- [LISTED ENTRIES]:
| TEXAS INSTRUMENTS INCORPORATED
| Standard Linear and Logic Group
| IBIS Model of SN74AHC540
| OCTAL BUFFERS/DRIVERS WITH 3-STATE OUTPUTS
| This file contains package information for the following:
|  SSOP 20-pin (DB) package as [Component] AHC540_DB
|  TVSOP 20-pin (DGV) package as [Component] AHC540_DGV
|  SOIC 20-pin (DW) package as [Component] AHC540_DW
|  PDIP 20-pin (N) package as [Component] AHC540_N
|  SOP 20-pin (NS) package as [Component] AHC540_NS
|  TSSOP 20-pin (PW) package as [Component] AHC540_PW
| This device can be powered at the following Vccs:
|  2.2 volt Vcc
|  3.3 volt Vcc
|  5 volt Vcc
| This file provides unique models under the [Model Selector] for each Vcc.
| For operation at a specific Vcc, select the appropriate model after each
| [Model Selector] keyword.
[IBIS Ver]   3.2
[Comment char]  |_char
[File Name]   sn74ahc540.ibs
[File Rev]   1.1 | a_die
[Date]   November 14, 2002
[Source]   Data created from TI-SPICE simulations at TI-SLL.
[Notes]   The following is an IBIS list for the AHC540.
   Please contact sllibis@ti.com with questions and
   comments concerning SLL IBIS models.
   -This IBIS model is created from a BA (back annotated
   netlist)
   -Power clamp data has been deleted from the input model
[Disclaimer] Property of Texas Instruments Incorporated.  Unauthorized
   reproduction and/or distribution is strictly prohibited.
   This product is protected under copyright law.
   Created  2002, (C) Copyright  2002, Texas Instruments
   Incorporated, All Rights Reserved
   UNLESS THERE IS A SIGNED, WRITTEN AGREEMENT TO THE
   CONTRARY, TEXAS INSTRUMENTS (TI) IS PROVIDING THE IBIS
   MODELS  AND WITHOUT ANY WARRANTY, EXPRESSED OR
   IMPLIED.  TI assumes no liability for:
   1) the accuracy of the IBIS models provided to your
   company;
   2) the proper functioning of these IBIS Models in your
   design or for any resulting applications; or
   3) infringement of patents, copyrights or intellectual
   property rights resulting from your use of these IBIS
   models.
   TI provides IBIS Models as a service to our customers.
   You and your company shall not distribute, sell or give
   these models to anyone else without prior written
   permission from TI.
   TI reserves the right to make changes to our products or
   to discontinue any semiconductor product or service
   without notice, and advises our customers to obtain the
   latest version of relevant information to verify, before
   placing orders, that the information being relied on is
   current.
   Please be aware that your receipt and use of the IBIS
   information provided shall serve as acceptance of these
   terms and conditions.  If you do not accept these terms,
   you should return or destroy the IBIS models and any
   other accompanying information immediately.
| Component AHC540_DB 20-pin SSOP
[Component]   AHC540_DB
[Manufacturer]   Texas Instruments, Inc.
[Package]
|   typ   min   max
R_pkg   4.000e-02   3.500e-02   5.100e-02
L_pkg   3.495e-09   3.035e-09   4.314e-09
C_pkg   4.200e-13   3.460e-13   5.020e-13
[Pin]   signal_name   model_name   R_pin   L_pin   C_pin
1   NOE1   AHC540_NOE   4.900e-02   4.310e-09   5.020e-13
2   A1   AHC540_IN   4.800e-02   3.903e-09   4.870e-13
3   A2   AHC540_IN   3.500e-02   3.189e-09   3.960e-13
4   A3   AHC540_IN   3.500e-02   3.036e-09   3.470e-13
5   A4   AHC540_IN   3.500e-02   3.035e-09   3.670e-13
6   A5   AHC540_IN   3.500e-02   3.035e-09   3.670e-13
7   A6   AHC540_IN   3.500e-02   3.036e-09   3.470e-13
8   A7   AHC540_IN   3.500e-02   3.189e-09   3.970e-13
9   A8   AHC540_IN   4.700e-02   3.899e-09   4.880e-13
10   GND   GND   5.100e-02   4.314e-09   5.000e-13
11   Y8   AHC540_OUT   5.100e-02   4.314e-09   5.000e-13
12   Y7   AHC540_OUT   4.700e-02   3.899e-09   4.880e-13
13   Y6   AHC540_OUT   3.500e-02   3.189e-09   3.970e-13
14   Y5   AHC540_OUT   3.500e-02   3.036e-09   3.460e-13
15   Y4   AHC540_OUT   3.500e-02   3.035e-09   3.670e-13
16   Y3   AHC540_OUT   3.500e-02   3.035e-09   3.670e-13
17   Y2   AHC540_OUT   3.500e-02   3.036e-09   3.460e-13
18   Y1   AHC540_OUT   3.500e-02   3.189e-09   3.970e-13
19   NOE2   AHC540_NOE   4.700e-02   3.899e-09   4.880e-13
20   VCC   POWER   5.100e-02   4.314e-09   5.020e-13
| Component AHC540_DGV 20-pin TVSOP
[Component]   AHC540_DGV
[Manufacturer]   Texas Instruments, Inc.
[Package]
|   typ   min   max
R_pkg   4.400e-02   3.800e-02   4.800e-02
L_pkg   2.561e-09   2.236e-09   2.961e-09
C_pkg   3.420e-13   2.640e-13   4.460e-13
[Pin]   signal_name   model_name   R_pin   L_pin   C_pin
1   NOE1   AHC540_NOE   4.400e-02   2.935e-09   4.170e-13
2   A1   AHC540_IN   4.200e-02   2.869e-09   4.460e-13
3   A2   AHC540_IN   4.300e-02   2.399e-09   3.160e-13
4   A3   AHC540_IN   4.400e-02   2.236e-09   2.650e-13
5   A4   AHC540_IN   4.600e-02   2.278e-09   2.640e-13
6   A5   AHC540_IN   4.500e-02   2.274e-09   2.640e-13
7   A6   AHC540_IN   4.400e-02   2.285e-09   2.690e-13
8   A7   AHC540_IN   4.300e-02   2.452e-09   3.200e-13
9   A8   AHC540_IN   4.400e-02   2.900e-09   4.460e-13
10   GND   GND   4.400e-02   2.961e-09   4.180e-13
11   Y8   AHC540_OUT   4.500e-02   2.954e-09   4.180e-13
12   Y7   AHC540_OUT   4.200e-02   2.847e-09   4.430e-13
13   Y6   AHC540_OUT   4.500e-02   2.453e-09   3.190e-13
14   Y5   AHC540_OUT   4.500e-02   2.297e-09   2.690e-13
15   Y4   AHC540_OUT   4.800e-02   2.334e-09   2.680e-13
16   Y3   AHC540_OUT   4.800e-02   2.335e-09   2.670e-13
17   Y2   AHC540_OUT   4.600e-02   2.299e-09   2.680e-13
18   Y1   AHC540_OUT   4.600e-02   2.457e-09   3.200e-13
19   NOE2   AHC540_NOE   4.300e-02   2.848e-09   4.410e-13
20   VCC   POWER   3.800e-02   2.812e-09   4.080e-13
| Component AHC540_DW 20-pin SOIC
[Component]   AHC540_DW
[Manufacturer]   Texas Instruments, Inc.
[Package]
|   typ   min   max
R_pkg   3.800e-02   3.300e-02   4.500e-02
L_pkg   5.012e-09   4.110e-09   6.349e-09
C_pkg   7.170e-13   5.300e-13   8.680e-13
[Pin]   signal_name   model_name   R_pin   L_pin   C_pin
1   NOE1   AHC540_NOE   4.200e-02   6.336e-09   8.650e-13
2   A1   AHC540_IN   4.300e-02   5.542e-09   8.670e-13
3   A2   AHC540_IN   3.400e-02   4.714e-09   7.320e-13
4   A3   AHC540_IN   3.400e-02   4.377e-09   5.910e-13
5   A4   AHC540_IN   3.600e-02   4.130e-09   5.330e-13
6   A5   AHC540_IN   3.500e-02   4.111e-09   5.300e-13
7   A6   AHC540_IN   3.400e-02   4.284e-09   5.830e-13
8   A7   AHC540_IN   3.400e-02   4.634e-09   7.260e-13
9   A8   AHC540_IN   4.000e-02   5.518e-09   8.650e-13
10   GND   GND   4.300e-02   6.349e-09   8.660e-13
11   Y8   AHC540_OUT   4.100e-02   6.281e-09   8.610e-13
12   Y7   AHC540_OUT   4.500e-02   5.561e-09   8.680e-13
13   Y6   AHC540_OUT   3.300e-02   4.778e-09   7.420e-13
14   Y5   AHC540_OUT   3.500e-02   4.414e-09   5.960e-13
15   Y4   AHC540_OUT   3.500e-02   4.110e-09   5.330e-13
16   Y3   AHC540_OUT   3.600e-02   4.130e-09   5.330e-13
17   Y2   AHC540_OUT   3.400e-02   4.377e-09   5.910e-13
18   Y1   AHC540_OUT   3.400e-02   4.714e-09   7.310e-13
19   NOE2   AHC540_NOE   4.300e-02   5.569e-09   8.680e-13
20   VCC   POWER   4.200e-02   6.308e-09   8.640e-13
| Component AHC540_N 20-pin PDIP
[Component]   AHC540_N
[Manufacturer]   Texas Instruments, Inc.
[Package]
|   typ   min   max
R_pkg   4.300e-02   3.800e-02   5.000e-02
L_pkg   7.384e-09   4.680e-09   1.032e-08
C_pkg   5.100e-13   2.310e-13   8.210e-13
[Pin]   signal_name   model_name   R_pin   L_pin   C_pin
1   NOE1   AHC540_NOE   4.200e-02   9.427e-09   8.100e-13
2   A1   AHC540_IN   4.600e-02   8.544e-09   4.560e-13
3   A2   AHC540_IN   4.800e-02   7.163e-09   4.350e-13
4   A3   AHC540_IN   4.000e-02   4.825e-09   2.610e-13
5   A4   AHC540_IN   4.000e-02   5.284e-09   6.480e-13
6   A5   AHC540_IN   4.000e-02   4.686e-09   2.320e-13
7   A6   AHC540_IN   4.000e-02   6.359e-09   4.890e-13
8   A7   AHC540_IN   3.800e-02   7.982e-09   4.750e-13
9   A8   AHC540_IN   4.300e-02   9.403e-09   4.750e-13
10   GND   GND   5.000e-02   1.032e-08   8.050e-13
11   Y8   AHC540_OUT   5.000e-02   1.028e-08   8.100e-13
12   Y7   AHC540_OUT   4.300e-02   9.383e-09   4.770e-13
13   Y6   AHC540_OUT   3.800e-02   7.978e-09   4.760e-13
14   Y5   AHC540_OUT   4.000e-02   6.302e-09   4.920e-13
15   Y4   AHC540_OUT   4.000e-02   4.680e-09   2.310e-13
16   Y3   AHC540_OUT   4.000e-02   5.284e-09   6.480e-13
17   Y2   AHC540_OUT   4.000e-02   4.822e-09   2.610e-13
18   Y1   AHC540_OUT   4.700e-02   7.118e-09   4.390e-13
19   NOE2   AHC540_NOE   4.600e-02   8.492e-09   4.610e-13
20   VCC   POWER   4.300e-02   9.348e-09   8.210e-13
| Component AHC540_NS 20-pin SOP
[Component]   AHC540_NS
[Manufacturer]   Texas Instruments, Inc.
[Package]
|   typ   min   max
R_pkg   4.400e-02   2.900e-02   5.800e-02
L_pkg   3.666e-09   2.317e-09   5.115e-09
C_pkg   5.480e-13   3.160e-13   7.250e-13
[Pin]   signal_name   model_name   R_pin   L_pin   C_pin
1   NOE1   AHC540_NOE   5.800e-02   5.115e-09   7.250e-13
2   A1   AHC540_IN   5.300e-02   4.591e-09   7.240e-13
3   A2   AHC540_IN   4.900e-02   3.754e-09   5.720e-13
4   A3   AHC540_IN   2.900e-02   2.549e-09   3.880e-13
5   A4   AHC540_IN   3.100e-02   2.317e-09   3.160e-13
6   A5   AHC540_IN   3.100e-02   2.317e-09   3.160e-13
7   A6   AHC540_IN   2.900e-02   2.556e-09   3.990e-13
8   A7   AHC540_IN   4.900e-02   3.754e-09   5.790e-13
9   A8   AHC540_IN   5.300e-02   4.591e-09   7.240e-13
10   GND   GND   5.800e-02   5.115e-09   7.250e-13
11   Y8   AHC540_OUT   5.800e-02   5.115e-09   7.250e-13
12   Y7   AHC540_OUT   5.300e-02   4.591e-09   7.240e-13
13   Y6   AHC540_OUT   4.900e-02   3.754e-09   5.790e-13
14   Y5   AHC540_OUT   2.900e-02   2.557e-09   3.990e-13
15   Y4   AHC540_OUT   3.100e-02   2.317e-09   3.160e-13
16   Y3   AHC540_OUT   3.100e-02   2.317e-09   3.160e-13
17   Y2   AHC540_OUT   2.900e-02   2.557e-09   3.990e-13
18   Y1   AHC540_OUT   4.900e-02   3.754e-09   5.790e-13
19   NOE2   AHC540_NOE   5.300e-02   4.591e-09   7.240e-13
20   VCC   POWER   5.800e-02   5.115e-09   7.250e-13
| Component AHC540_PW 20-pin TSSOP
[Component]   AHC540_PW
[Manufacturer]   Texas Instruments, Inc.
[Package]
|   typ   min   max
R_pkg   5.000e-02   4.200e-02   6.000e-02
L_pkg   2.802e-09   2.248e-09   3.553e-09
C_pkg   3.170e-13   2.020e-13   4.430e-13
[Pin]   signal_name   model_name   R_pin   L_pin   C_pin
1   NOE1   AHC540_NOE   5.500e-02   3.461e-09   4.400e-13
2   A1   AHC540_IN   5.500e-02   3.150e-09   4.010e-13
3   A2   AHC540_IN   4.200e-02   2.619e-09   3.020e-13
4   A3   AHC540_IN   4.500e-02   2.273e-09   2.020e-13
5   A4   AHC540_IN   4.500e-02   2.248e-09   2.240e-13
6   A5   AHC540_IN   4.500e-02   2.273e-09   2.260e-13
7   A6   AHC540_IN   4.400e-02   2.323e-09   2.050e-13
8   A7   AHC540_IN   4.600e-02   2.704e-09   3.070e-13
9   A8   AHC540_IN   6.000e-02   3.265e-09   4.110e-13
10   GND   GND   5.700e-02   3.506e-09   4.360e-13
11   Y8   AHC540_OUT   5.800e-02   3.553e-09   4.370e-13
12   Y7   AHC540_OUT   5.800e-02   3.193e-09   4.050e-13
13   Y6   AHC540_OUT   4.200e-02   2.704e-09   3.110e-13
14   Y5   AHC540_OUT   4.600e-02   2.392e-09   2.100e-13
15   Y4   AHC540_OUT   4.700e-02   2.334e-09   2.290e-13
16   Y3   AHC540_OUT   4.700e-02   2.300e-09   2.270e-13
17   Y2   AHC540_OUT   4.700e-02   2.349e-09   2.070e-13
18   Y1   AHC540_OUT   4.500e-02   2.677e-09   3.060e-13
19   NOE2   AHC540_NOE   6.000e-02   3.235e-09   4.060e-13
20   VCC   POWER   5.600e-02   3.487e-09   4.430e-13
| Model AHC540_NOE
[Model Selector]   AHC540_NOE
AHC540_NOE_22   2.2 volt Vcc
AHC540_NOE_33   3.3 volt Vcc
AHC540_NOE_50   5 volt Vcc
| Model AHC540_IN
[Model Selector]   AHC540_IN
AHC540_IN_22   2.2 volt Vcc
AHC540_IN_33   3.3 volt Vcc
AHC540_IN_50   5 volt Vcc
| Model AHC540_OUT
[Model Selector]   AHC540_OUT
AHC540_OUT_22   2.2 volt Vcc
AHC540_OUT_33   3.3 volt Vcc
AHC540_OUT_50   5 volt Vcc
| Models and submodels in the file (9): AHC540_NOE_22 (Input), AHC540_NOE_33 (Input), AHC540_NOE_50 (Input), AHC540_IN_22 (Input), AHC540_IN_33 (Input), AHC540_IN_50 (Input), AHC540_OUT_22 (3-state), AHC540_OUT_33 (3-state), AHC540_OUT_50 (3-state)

- [WHAT THE TASK ASKS]:
A single figure, the number of lines above with the word "that", is the whole answer.

- [PROBLEM SOLUTION]:
2